The scope of the project is the optimization of downstream processing (DSP) for the production of Biopharmaceuticals. Biopharmaceuticals have been successfully used as efficient therapeutic drugs for many pathophysiological conditions since the first recombinant product, insulin, was approved in 1982. Despite its efficacy, accessibility is still limited due to extremely high costs. In the production chain, capturing and purifying still represents a major bottleneck. Consequently, improvements in this area produce substantial cost reductions and expand patients’ accessibility to highly efficient drugs. Another aim of this action is to cope with the changing manufacturing demands, by lowering its environmental footprint and moving to more sustainable technologies.
The project’s main objective was to implement a fully integrated continuous manufacturing platform based on continuous purification, viral clearance and final Ultrafiltration/Diafiltration (final drug substance formulation) process unit operations, in combination with single-use disposable techniques. All unit operations of monoclonal antibodies DSP sequence on manufacturing scale were integrated together with incorporation of advanced analytical tools (PAT - Process Analytical Technology analytical tools).
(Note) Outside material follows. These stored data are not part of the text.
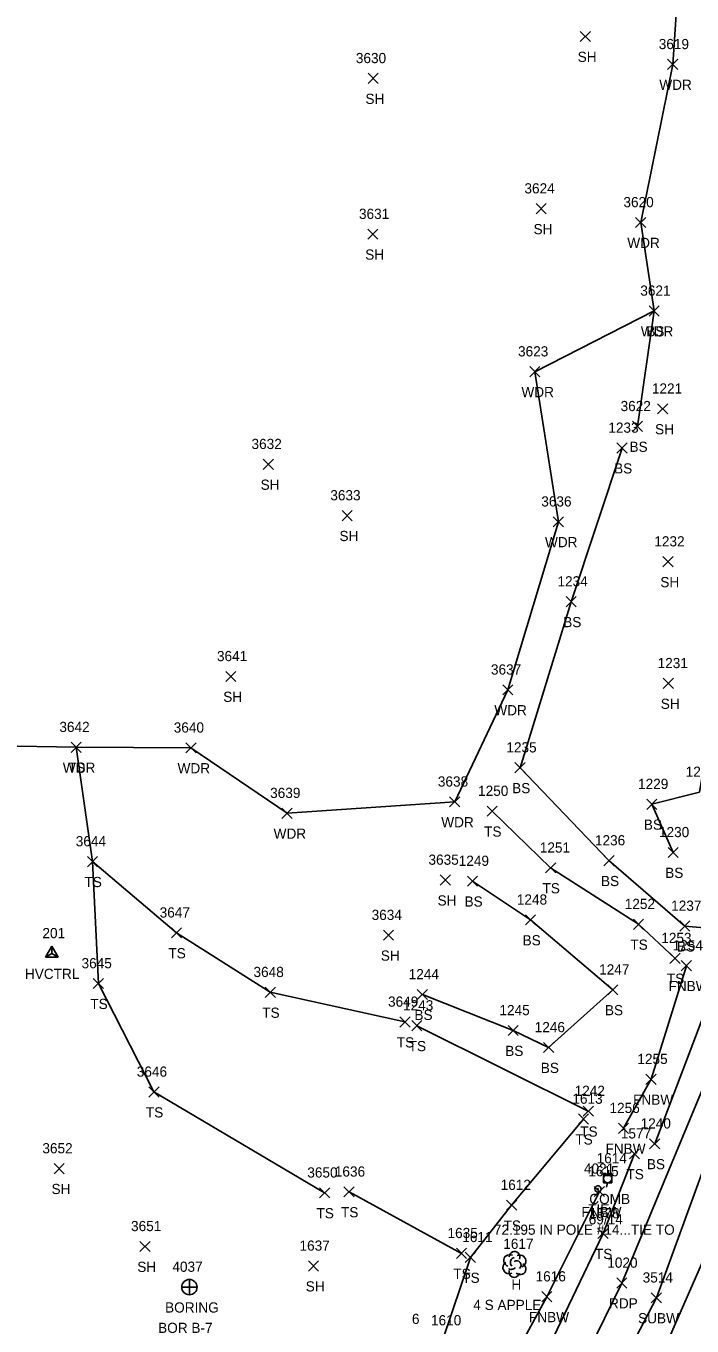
# Model space of a CAD drawing. Extents: x 1634209 to 1639641, y 608564 to 612258.
# Drawn here: x 1639192.5 to 1639323.4, y 611591.9 to 611847.1 of the extents above; entities that cross this region are included whole.
import ezdxf

# ---------------------------------------------------------------- set-up
doc = ezdxf.new("R2010")
doc.units = 0
for name, color, linetype in [('C_A', 7, 'Continuous'), ('C_C', 7, 'Continuous'), ('C_I', 7, 'Continuous'), ('CBP', 7, 'Continuous'), ('CPSM', 7, 'Continuous'), ('G_A', 7, 'Continuous'), ('G_C', 7, 'Continuous'), ('G_I', 7, 'Continuous'), ('GA_P', 7, 'Continuous'), ('L_A', 7, 'Continuous'), ('L_C', 7, 'Continuous'), ('L_I', 7, 'Continuous'), ('L_TIC', 7, 'Continuous'), ('LAWA', 7, 'Continuous'), ('LELB', 7, 'Continuous'), ('LFNC', 7, 'Continuous'), ('LTD', 7, 'Continuous'), ('P_A', 7, 'Continuous'), ('P_I', 7, 'Continuous'), ('P_TIC', 7, 'Continuous'), ('PET', 7, 'Continuous'), ('PRC', 7, 'Continuous'), ('U_A', 7, 'Continuous'), ('U_C', 7, 'Continuous'), ('U_I', 7, 'Continuous'), ('U_TIC', 7, 'Continuous'), ('UP', 7, 'Continuous'), ('UW', 7, 'Continuous')]:
    doc.layers.add(name, color=color, linetype=linetype)

msp = doc.modelspace()

# ---------------------------------------------------------------- linework, layer by layer
at = {"layer": 'CBP'}
for radius in [0.625, 0.0833]:
    msp.add_circle((1639304.92, 611618.8), radius, dxfattribs=at)
at = {"layer": 'CPSM'}
for p, q in [((1639196.38, 611664.3), (1639197.63, 611666.47)), ((1639198.88, 611664.3), (1639197.63, 611666.47)), ((1639197.63, 611665.02), (1639197.63, 611666.47)), ((1639196.38, 611664.3), (1639197.63, 611665.02)), ((1639196.38, 611664.3), (1639198.88, 611664.3)), ((1639197.63, 611665.02), (1639197.63, 611665.02)), ((1639197.63, 611665.02), (1639198.88, 611664.3))]:
    msp.add_line(p, q, dxfattribs=at)
at = {"layer": 'GA_P'}
for p, q in [((1639224.63, 611599.53), (1639223.13, 611599.53)), ((1639224.63, 611599.53), (1639224.63, 611601.03)), ((1639226.13, 611599.53), (1639224.63, 611599.53)), ((1639224.63, 611598.03), (1639224.63, 611599.53))]:
    msp.add_line(p, q, dxfattribs=at)
for start, end in [(90, 180), (180, 270), (0, 90), (270, 0)]:
    msp.add_arc((1639224.63, 611599.53), 1.5, start, end, dxfattribs=at)
at = {"layer": 'L_TIC'}
for points in [[(1639301.43, 611844.03), (1639303.43, 611846.03)], [(1639303.43, 611844.03), (1639301.43, 611846.03)], [(1639318.6, 611838.54), (1639320.6, 611840.54)], [(1639320.6, 611838.54), (1639318.6, 611840.54)], [(1639259.73, 611835.79), (1639261.73, 611837.79)], [(1639261.73, 611835.79), (1639259.73, 611837.79)], [(1639292.76, 611810.21), (1639294.76, 611812.21)], [(1639294.76, 611810.21), (1639292.76, 611812.21)], [(1639312.3, 611807.51), (1639314.3, 611809.51)], [(1639314.3, 611807.51), (1639312.3, 611809.51)], [(1639259.69, 611805.21), (1639261.69, 611807.21)], [(1639261.69, 611805.21), (1639259.69, 611807.21)], [(1639314.96, 611790.14), (1639316.96, 611792.14)], [(1639316.96, 611790.14), (1639314.96, 611792.14)], [(1639314.96, 611790.14), (1639316.96, 611792.14)], [(1639316.96, 611790.14), (1639314.96, 611792.14)], [(1639291.51, 611778.22), (1639293.51, 611780.22)], [(1639293.51, 611778.22), (1639291.51, 611780.22)], [(1639316.63, 611770.92), (1639318.63, 611772.92)], [(1639318.63, 611770.92), (1639316.63, 611772.92)], [(1639311.66, 611767.48), (1639313.66, 611769.48)], [(1639313.66, 611767.48), (1639311.66, 611769.48)], [(1639308.63, 611763.24), (1639310.63, 611765.24)], [(1639310.63, 611763.24), (1639308.63, 611765.24)], [(1639239.15, 611760.04), (1639241.15, 611762.04)], [(1639241.15, 611760.04), (1639239.15, 611762.04)], [(1639254.63, 611749.97), (1639256.63, 611751.97)], [(1639256.63, 611749.97), (1639254.63, 611751.97)], [(1639296.13, 611748.76), (1639298.13, 611750.76)], [(1639298.13, 611748.76), (1639296.13, 611750.76)], [(1639317.68, 611740.92), (1639319.68, 611742.92)], [(1639319.68, 611740.92), (1639317.68, 611742.92)], [(1639298.64, 611733.07), (1639300.64, 611735.07)], [(1639300.64, 611733.07), (1639298.64, 611735.07)], [(1639231.79, 611718.4), (1639233.79, 611720.4)], [(1639233.79, 611718.4), (1639231.79, 611720.4)], [(1639317.75, 611717.03), (1639319.75, 611719.03)], [(1639319.75, 611717.03), (1639317.75, 611719.03)], [(1639286.19, 611715.77), (1639288.19, 611717.77)], [(1639288.19, 611715.77), (1639286.19, 611717.77)], [(1639201.4, 611704.49), (1639203.4, 611706.49)], [(1639203.4, 611704.49), (1639201.4, 611706.49)], [(1639201.4, 611704.49), (1639203.4, 611706.49)], [(1639203.4, 611704.49), (1639201.4, 611706.49)], [(1639223.95, 611704.38), (1639225.95, 611706.38)], [(1639225.95, 611704.38), (1639223.95, 611706.38)], [(1639288.6, 611700.48), (1639290.6, 611702.48)], [(1639290.6, 611700.48), (1639288.6, 611702.48)], [(1639242.82, 611691.54), (1639244.82, 611693.54)], [(1639244.82, 611691.54), (1639242.82, 611693.54)], [(1639275.76, 611693.78), (1639277.76, 611695.78)], [(1639277.76, 611693.78), (1639275.76, 611695.78)], [(1639283.13, 611691.95), (1639285.13, 611693.95)], [(1639285.13, 611691.95), (1639283.13, 611693.95)], [(1639314.48, 611693.31), (1639316.48, 611695.31)], [(1639316.48, 611693.31), (1639314.48, 611695.31)], [(1639318.67, 611683.85), (1639320.67, 611685.85)], [(1639320.67, 611683.85), (1639318.67, 611685.85)], [(1639204.61, 611682.05), (1639206.61, 611684.05)], [(1639206.61, 611682.05), (1639204.61, 611684.05)], [(1639204.61, 611682.05), (1639206.61, 611684.05)], [(1639206.61, 611682.05), (1639204.61, 611684.05)], [(1639306.06, 611682.24), (1639308.06, 611684.24)], [(1639308.06, 611682.24), (1639306.06, 611684.24)], [(1639294.6, 611680.82), (1639296.6, 611682.82)], [(1639296.6, 611680.82), (1639294.6, 611682.82)], [(1639273.92, 611678.43), (1639275.92, 611680.43)], [(1639275.92, 611678.43), (1639273.92, 611680.43)], [(1639279.25, 611678.22), (1639281.25, 611680.22)], [(1639281.25, 611678.22), (1639279.25, 611680.22)], [(1639290.66, 611670.61), (1639292.66, 611672.61)], [(1639292.66, 611670.61), (1639290.66, 611672.61)], [(1639311.86, 611669.75), (1639313.86, 611671.75)], [(1639313.86, 611669.75), (1639311.86, 611671.75)], [(1639320.98, 611669.4), (1639322.98, 611671.4)], [(1639322.98, 611669.4), (1639320.98, 611671.4)], [(1639221.1, 611668.07), (1639223.1, 611670.07)], [(1639223.1, 611668.07), (1639221.1, 611670.07)], [(1639262.75, 611667.6), (1639264.75, 611669.6)], [(1639264.75, 611667.6), (1639262.75, 611669.6)], [(1639319.03, 611663.07), (1639321.03, 611665.07)], [(1639321.03, 611663.07), (1639319.03, 611665.07)], [(1639321.28, 611661.62), (1639323.28, 611663.62)], [(1639323.28, 611661.62), (1639321.28, 611663.62)], [(1639205.76, 611658.11), (1639207.76, 611660.11)], [(1639207.76, 611658.11), (1639205.76, 611660.11)], [(1639239.53, 611656.39), (1639241.53, 611658.39)], [(1639241.53, 611656.39), (1639239.53, 611658.39)], [(1639269.41, 611655.96), (1639271.41, 611657.96)], [(1639271.41, 611655.96), (1639269.41, 611657.96)], [(1639306.83, 611656.89), (1639308.83, 611658.89)], [(1639308.83, 611656.89), (1639306.83, 611658.89)], [(1639265.98, 611650.57), (1639267.98, 611652.57)], [(1639267.98, 611650.57), (1639265.98, 611652.57)], [(1639268.31, 611649.84), (1639270.31, 611651.84)], [(1639270.31, 611649.84), (1639268.31, 611651.84)], [(1639287.24, 611648.9), (1639289.24, 611650.9)], [(1639289.24, 611648.9), (1639287.24, 611650.9)], [(1639294.22, 611645.56), (1639296.22, 611647.56)], [(1639296.22, 611645.56), (1639294.22, 611647.56)], [(1639314.34, 611639.32), (1639316.34, 611641.32)], [(1639316.34, 611639.32), (1639314.34, 611641.32)], [(1639216.67, 611636.83), (1639218.67, 611638.83)], [(1639218.67, 611636.83), (1639216.67, 611638.83)], [(1639302.01, 611633.06), (1639304.01, 611635.06)], [(1639304.01, 611633.06), (1639302.01, 611635.06)], [(1639301.06, 611631.51), (1639303.06, 611633.51)], [(1639303.06, 611631.51), (1639301.06, 611633.51)], [(1639308.91, 611629.7), (1639310.91, 611631.7)], [(1639310.91, 611629.7), (1639308.91, 611631.7)], [(1639315.06, 611626.66), (1639317.06, 611628.66)], [(1639317.06, 611626.66), (1639315.06, 611628.66)], [(1639311.09, 611624.7), (1639313.09, 611626.7)], [(1639313.09, 611624.7), (1639311.09, 611626.7)], [(1639198.06, 611621.79), (1639200.06, 611623.79)], [(1639200.06, 611621.79), (1639198.06, 611623.79)], [(1639250.2, 611617.03), (1639252.2, 611619.03)], [(1639252.2, 611617.03), (1639250.2, 611619.03)], [(1639255.01, 611617.22), (1639257.01, 611619.22)], [(1639257.01, 611617.22), (1639255.01, 611619.22)], [(1639304.19, 611617.28), (1639306.19, 611619.28)], [(1639306.19, 611617.28), (1639304.19, 611619.28)], [(1639286.95, 611614.6), (1639288.95, 611616.6)], [(1639288.95, 611614.6), (1639286.95, 611616.6)], [(1639304.91, 611609.04), (1639306.91, 611611.04)], [(1639306.91, 611609.04), (1639304.91, 611611.04)], [(1639214.91, 611606.51), (1639216.91, 611608.51)], [(1639216.91, 611606.51), (1639214.91, 611608.51)], [(1639277.09, 611605.15), (1639279.09, 611607.15)], [(1639279.09, 611605.15), (1639277.09, 611607.15)], [(1639248.01, 611602.67), (1639250.01, 611604.67)], [(1639250.01, 611602.67), (1639248.01, 611604.67)], [(1639278.84, 611604.36), (1639280.84, 611606.36)], [(1639280.84, 611604.36), (1639278.84, 611606.36)], [(1639293.87, 611596.64), (1639295.87, 611598.64)], [(1639295.87, 611596.64), (1639293.87, 611598.64)]]:
    msp.add_lwpolyline(points, dxfattribs=at)
at = {"layer": 'LAWA'}
msp.add_lwpolyline([(1639360.4, 611945.78), (1639337.86, 611942.69), (1639328.3, 611925.99), (1639325.8, 611899.79), (1639322.13, 611876.77), (1639319.6, 611839.54), (1639313.3, 611808.51), (1639315.96, 611791.14), (1639292.51, 611779.22), (1639297.13, 611749.76), (1639287.19, 611716.77), (1639276.76, 611694.78), (1639243.82, 611692.54), (1639224.95, 611705.38), (1639202.4, 611705.49), (1639183.07, 611705.82), (1639163.18, 611694.66), (1639148.22, 611679.88), (1639133.72, 611654.57), (1639109.62, 611601.39), (1639094.77, 611617.67)], dxfattribs=at)
at = {"layer": 'LELB'}
for points in [[(1639390.61, 611912.03), (1639380.51, 611879.56), (1639366.54, 611835.06), (1639350.59, 611799.16), (1639345.37, 611765.77), (1639340.13, 611736.31), (1639333.62, 611715.99), (1639327.33, 611711.48), (1639324.83, 611696.7), (1639315.48, 611694.31), (1639319.67, 611684.85)], [(1639315.96, 611791.14), (1639312.66, 611768.48)], [(1639309.63, 611764.24), (1639299.64, 611734.07), (1639289.6, 611701.48), (1639307.06, 611683.24), (1639321.98, 611670.4), (1639326.57, 611669.97), (1639326.59, 611655.19), (1639316.06, 611627.66)], [(1639202.4, 611705.49), (1639205.61, 611683.05), (1639222.1, 611669.07), (1639240.53, 611657.39), (1639266.98, 611651.57)], [(1639284.13, 611692.95), (1639295.6, 611681.82), (1639312.86, 611670.75), (1639320.03, 611664.07)], [(1639205.61, 611683.05), (1639206.76, 611659.11), (1639217.67, 611637.83), (1639251.2, 611618.03)], [(1639270.41, 611656.96), (1639288.24, 611649.9), (1639295.22, 611646.56), (1639307.83, 611657.89), (1639291.66, 611671.61), (1639280.25, 611679.22)], [(1639303.01, 611634.06), (1639269.31, 611650.84)], [(1639255.89, 611534.05), (1639257.52, 611543.07), (1639257.09, 611554.85), (1639264.29, 611571.31), (1639274.36, 611589.02), (1639279.84, 611605.36), (1639287.95, 611615.6), (1639302.06, 611632.51)], [(1639312.09, 611625.7), (1639305.91, 611610.04), (1639294.63, 611586.44), (1639286.65, 611571.36), (1639276.42, 611548.75), (1639267.52, 611532.8), (1639255.94, 611511.09)], [(1639278.09, 611606.15), (1639256.01, 611618.22)]]:
    msp.add_lwpolyline(points, dxfattribs=at)
at = {"layer": 'LFNC'}
for points in [[(1639322.28, 611662.62), (1639315.34, 611640.32), (1639309.91, 611630.7)], [(1639305.19, 611618.28), (1639294.87, 611597.64), (1639288.56, 611586.13), (1639274.03, 611559.1), (1639258.54, 611531.07), (1639251.24, 611516.44), (1639241.97, 611495.12)]]:
    msp.add_lwpolyline(points, dxfattribs=at)
at = {"layer": 'LTD'}
msp.add_line((1639288.47, 611604.03), (1639288.47, 611604.03), dxfattribs=at)
msp.add_line((1639288.47, 611604.03), (1639288.47, 611604.03), dxfattribs=at)
msp.add_arc((1639288.52, 611605.47), 1.05, 335.5272, 180.9563, dxfattribs=at)
for centre, major_axis, ratio, start_param, end_param in [((1639287.39, 611603.33), (0.58, -1.04), 0.959034, 3.141593, 6.283185), ((1639287.68, 611604.7), (1.21, -0.51), 0.895232, 1.570796, 4.712389), ((1639288.26, 611604.49), (-0.208, -0.792), 0.645439, 3.141593, 6.283185), ((1639288.97, 611603.87), (-0.5, 0.667), 0.989748, 3.141593, 6.283185), ((1639289.47, 611603.2), (-1.09, 0.79), 0.841452, 1.570796, 4.712389), ((1639289.51, 611604.62), (-1.14, -0.48), 0.949671, 1.570796, 4.712389), ((1639288.47, 611602.53), (0.26, 1.06), 0.942809, 1.570796, 4.712389), ((1639288.01, 611603.28), (-0.625, -0.083), 0.423636, 0, 3.141593)]:
    msp.add_ellipse(centre, major_axis=major_axis, ratio=ratio, start_param=start_param, end_param=end_param, dxfattribs=at)
at = {"layer": 'P_TIC'}
for points in [[(1639308.59, 611599.33), (1639310.59, 611601.33)], [(1639310.59, 611599.33), (1639308.59, 611601.33)]]:
    msp.add_lwpolyline(points, dxfattribs=at)
at = {"layer": 'PET'}
msp.add_lwpolyline([(1639220.96, 611441.47), (1639247.22, 611483.75), (1639268.21, 611519.52), (1639285.57, 611551.38), (1639309.59, 611600.33), (1639328.5, 611645.78), (1639344.08, 611688.66), (1639358.64, 611735.43), (1639372.55, 611782.94), (1639389.96, 611841.92), (1639405.55, 611892.01), (1639422.64, 611939.83), (1639441.75, 611985.91), (1639461.99, 612028.31)], dxfattribs=at)
at = {"layer": 'PRC'}
msp.add_lwpolyline([(1639473.49, 612022.53), (1639453.52, 611981.45), (1639432.7, 611930.67), (1639416.88, 611885.46), (1639401.13, 611834.82), (1639385.48, 611780.16), (1639369.66, 611726.72), (1639353.84, 611677.52), (1639335.57, 611627.61), (1639314.72, 611580.03), (1639292.65, 611536.14), (1639275.3, 611504.78), (1639250.46, 611462.84), (1639222.36, 611418.18)], dxfattribs=at)
at = {"layer": 'U_TIC'}
for points in [[(1639315.38, 611596.42), (1639317.38, 611598.42)], [(1639317.38, 611596.42), (1639315.38, 611598.42)]]:
    msp.add_lwpolyline(points, dxfattribs=at)
at = {"layer": 'UP'}
for p, q in [((1639307.06, 611622.5), (1639306.81, 611621.67)), ((1639305.98, 611620), (1639305.98, 611621.67)), ((1639305.98, 611621.67), (1639307.64, 611621.67)), ((1639307.64, 611620), (1639305.98, 611620)), ((1639306.56, 611619.17), (1639306.81, 611620)), ((1639306.81, 611620.83), (1639306.81, 611620.83)), ((1639307.64, 611621.67), (1639307.64, 611620))]:
    msp.add_line(p, q, dxfattribs=at)
msp.add_circle((1639306.81, 611620.83), 0.833, dxfattribs=at)
at = {"layer": 'UW'}
msp.add_lwpolyline([(1639594.99, 612226.51), (1639569.63, 612190.35), (1639550.67, 612164.48), (1639527.14, 612128.9), (1639506.92, 612097.5), (1639485.03, 612062.24), (1639463.29, 612024.05), (1639448.18, 611991.92), (1639428.21, 611945.59), (1639409.39, 611896.28), (1639395.47, 611852.57), (1639388.14, 611826.68), (1639366.36, 611747.21), (1639350.92, 611692.02), (1639316.38, 611597.42), (1639292.15, 611550.99), (1639279.15, 611528.72), (1639253.95, 611487.01), (1639229.78, 611449.06), (1639200.46, 611402.5), (1639172.27, 611358.67), (1639148.82, 611320.98)], dxfattribs=at)

# ---------------------------------------------------------------- texts
at = {"layer": 'C_A'}
for s, p in [('HVCTRL', (1639192.32, 611660.02)), ('TIE', (1639303, 611613.8))]:
    msp.add_text(s, height=2, dxfattribs=at).set_placement(p)
at = {"layer": 'C_C'}
msp.add_text('72.195 IN POLE #14...TIE TO', height=2, dxfattribs=at).set_placement((1639284.46, 611609.8))
at = {"layer": 'C_I'}
for s, p in [('201', (1639195.76, 611668.02)), ('4021', (1639302.15, 611621.8)), ('6', (1639268.36, 611592.29))]:
    msp.add_text(s, height=2, dxfattribs=at).set_placement(p)
at = {"layer": 'G_A'}
msp.add_text('BORING', height=2, dxfattribs=at).set_placement((1639219.86, 611594.53))
at = {"layer": 'G_C'}
msp.add_text('BOR B-7', height=2, dxfattribs=at).set_placement((1639218.49, 611590.53))
at = {"layer": 'G_I'}
msp.add_text('4037', height=2, dxfattribs=at).set_placement((1639221.29, 611602.53))
at = {"layer": 'L_A'}
for s, p in [('SH', (1639300.92, 611840.03)), ('WDR', (1639316.96, 611834.54)), ('SH', (1639259.22, 611831.79)), ('SH', (1639292.25, 611806.21)), ('SH', (1639259.18, 611801.21)), ('WDR', (1639310.67, 611803.51)), ('WDR', (1639313.32, 611786.14)), ('BS', (1639314.4, 611786.14)), ('WDR', (1639289.87, 611774.22)), ('SH', (1639316.12, 611766.92)), ('BS', (1639311.1, 611763.48)), ('BS', (1639308.07, 611759.24)), ('SH', (1639238.63, 611756.04)), ('SH', (1639254.12, 611745.97)), ('WDR', (1639294.5, 611744.76)), ('SH', (1639317.16, 611736.92)), ('BS', (1639298.08, 611729.07)), ('SH', (1639231.28, 611714.4)), ('SH', (1639317.24, 611713.03)), ('WDR', (1639284.55, 611711.77)), ('WDR', (1639199.76, 611700.49)), ('TS', (1639200.81, 611700.49)), ('WDR', (1639222.31, 611700.38)), ('BS', (1639288.04, 611696.48)), ('WDR', (1639274.12, 611689.78)), ('BS', (1639313.92, 611689.31)), ('WDR', (1639241.18, 611687.54)), ('TS', (1639282.54, 611687.95)), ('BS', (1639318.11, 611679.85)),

In specific work packages we focused on primary separation, where the removal of cells from product takes place. There the aim was substitution of the standard process for primary separation with the utilization of flocculants in combination with filtration or for fully continuous bioprocess (perfusion process) also implementation of tangential flow filtration (TFF). This resulted in substantial reduction of cost and in robust process for removal of cells from the product. In capture step development studies, we focused on continuous chromatography on protein A resin, where the main aim was reduction in size of the columns and reduction of need for expensive resin volume and highly improved productivity. For implementation of such process on manufacturing scale also single use continuous chromatography equipment was developed. Additionally non-chromatographic capture step alternatives, such as continuous precipitation, were explored as a future approaches for purification of biopharmaceuticals. Single-use disposable technology for all downstream processing operations was evaluated and flow-through approaches for polishing steps implemented, to remove impurities in a continuous way. Other options for processing of biopharmaceuticals in a continuous way were also implemented, such as continuous virus inactivation and different continuous UF/DF techniques as part of continuous final DS formulation approach. Best performing technologies were selected and implemented on large scale continuous and integrated process, where we achieved reduction in the size and number of downstream unit operations. In order to monitor and control the established process, advanced analytical tools for measuring impurities, product content and other parameters in real time or close to real time were implemented.
Large scale continuous and integrated process was successfully validated and showed many benefits. Most important ones were more efficient drug production processes, with reduced costs, and greater productivity, flexibility and competitiveness – ultimately leading to greater patient accessibility and lower burdens on healthcare systems. A second aim was to create a more sustainable process, with a reduction in the amount of consumables and water used, leading to reduced environmental footprint of the biopharma industry and reduced investment and operating costs for companies.